Solution, pour les gens honnête : retirer la carte SIM, vous y verrez le nom du fournisseur.  Dans mon cas, Virgin Mobile (je suis au Québec).  Un simple appel au service a la clientèle et avec le numéro de la carte, ils ont retracé le compte.  Par chance, l'agente avait un autre numéro pour le rejoindre, ce qu'elle fit.  Elle me mit en contact directement avec lui (dans une conférence à 3).  Ont s'est donné rendez-vous à 3 coins de rue, et voilà.

Il était super content, et moi... bien heureux d'avoir poser une bonne action.
Rappelez-vous, les ptits bonheurs de la vie, c'est de donner au suivant tel qu'on aimerait recevoir.

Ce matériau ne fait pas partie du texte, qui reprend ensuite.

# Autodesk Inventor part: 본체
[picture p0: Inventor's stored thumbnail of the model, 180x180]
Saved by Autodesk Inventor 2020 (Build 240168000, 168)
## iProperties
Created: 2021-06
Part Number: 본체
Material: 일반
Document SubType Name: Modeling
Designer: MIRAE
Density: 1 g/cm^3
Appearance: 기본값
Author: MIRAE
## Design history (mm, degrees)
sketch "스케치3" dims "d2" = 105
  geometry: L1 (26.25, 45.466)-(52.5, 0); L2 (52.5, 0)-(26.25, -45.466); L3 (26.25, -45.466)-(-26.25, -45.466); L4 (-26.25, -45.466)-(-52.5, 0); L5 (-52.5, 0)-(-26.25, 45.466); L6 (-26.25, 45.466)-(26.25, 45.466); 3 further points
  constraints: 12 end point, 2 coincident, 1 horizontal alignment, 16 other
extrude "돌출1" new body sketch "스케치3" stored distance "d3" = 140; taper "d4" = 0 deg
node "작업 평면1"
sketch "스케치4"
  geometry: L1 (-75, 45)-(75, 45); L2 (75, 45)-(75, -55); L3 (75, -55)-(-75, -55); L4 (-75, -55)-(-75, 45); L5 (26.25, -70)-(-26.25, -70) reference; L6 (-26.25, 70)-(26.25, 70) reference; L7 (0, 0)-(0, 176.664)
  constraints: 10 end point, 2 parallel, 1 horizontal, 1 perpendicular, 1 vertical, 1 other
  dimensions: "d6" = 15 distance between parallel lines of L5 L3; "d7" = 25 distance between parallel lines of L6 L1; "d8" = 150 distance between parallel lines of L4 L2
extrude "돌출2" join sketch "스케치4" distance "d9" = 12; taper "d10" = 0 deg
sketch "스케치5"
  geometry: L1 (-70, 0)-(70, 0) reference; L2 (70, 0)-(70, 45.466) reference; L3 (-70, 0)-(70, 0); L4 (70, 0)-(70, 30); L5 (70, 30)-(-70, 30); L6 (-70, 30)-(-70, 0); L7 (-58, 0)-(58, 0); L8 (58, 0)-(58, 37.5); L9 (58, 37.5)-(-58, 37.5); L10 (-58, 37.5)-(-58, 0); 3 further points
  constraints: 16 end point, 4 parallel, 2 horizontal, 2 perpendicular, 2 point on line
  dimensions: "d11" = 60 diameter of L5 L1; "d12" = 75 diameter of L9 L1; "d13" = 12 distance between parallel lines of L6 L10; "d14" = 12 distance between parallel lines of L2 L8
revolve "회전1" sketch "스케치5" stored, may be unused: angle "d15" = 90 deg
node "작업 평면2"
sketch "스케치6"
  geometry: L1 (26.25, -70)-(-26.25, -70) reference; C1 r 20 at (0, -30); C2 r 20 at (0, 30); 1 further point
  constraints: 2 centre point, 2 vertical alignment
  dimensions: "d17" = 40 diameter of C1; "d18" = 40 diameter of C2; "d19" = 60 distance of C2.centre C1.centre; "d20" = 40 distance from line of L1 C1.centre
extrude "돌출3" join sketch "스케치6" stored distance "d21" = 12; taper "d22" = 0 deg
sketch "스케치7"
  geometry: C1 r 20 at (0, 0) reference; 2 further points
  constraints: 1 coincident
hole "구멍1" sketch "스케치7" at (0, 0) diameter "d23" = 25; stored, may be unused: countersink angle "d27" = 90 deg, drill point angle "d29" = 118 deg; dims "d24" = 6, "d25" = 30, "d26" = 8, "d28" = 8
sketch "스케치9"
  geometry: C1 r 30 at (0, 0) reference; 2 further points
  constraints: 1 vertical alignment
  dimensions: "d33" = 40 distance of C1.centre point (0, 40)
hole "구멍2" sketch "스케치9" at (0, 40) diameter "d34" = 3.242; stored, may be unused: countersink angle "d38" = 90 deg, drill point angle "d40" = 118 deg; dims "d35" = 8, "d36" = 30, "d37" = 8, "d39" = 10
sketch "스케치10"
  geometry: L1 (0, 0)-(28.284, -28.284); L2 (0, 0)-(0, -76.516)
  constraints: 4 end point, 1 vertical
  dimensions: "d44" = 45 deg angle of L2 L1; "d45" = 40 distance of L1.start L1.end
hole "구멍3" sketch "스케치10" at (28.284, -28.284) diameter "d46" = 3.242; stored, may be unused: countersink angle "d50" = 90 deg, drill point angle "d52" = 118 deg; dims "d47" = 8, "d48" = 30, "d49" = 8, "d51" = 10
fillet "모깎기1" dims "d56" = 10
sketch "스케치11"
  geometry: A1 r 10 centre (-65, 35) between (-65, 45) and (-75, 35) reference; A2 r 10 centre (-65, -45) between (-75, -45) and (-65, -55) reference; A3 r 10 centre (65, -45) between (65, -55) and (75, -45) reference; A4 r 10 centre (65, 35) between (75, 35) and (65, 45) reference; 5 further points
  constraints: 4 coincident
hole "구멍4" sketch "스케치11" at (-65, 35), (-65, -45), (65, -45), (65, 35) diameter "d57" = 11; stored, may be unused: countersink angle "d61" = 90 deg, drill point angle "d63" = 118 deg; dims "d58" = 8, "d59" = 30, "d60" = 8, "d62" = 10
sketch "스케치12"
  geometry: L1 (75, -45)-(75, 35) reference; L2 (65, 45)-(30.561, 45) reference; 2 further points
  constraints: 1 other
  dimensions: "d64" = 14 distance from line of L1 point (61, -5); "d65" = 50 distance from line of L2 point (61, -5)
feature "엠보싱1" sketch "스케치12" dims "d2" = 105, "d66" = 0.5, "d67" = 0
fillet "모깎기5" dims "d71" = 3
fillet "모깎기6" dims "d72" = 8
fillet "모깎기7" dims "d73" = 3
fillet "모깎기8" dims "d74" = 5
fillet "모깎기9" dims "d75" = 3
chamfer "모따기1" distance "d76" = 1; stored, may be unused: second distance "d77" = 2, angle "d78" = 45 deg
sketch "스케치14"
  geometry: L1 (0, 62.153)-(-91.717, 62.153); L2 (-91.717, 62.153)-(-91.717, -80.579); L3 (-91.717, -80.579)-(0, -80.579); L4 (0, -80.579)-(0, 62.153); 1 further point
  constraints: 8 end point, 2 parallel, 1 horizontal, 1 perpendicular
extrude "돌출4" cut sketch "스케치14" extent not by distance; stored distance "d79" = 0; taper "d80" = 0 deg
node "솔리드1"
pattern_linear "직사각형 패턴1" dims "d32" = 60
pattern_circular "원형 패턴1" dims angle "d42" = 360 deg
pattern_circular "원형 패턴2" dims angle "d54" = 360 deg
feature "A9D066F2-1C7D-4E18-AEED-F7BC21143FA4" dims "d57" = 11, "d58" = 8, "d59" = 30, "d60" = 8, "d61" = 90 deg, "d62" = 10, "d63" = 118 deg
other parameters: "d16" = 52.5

Sur ce, bonne journée à tous !


----------



## CBi (1 Août 2015)

Bravo pour le conseil: je n'y aurais peut-être pas pensé. Mais une question =
Si je trouve un iPhone, il y a de fortes chances pour que je ne sois pas équipé de mon "trombone" en liquid métal : avec quoi peut-on ouvrir le compartiment SIM sans l'endommager ?


----------



## iphone5stiti (1 Août 2015)

Coaster110 a dit:


> Bonjour à tous,
> J'ai consulté votre forum aujourd'hui, car j'ai trouvé un iphone5 hier matin.  À la lumière du sinisme engendré par "J'ai trouvé un iphone que faire?" je prends un instant pour vous raconter mon histoire, preuve qu'il y a encore des gens honnête sur Terre.
> 
> Donc, j'ai trouvé un iphone hier matin dans la rue près de chez moi en allant prendre le bus.  Ne sachant trop que faire, j'ai d'abords chargé l'appareil au cas ou le proprio voudrait s'appeler lui même.  Évidemment, comme la plupart des gens sensé, le proprio (Alex) avait mis un code m'empêchait de consulter les contacts.  Par malheur, il avait déjà déclaré sont cellulaire perdu et donc, l'écran n'affichait plus le fournisseur mais bien "Réseau non disponible" ou quelque chose du genre.
> ...


Ça fait plaisir de voir que certaines personnes sont encore équilibrées ! Bravo


----------



## Gwen (1 Août 2015)

Ça c’est une histoire qui fait plaisir à lire.

Sinon, pour ouvrir le compartiment à carte SIM, un simple trombone suffit.


----------



## Coaster110 (1 Août 2015)

Oui, un simple trombone ou une punaise fait le travail...


----------



## Locke (2 Août 2015)

Coaster110 a dit:


> Oui, un simple trombone ou une punaise fait le travail...


Une punaise me parait un peu courte, sinon une aiguille à coudre ou un clou très fin feront aussi bien l'affaire.


----------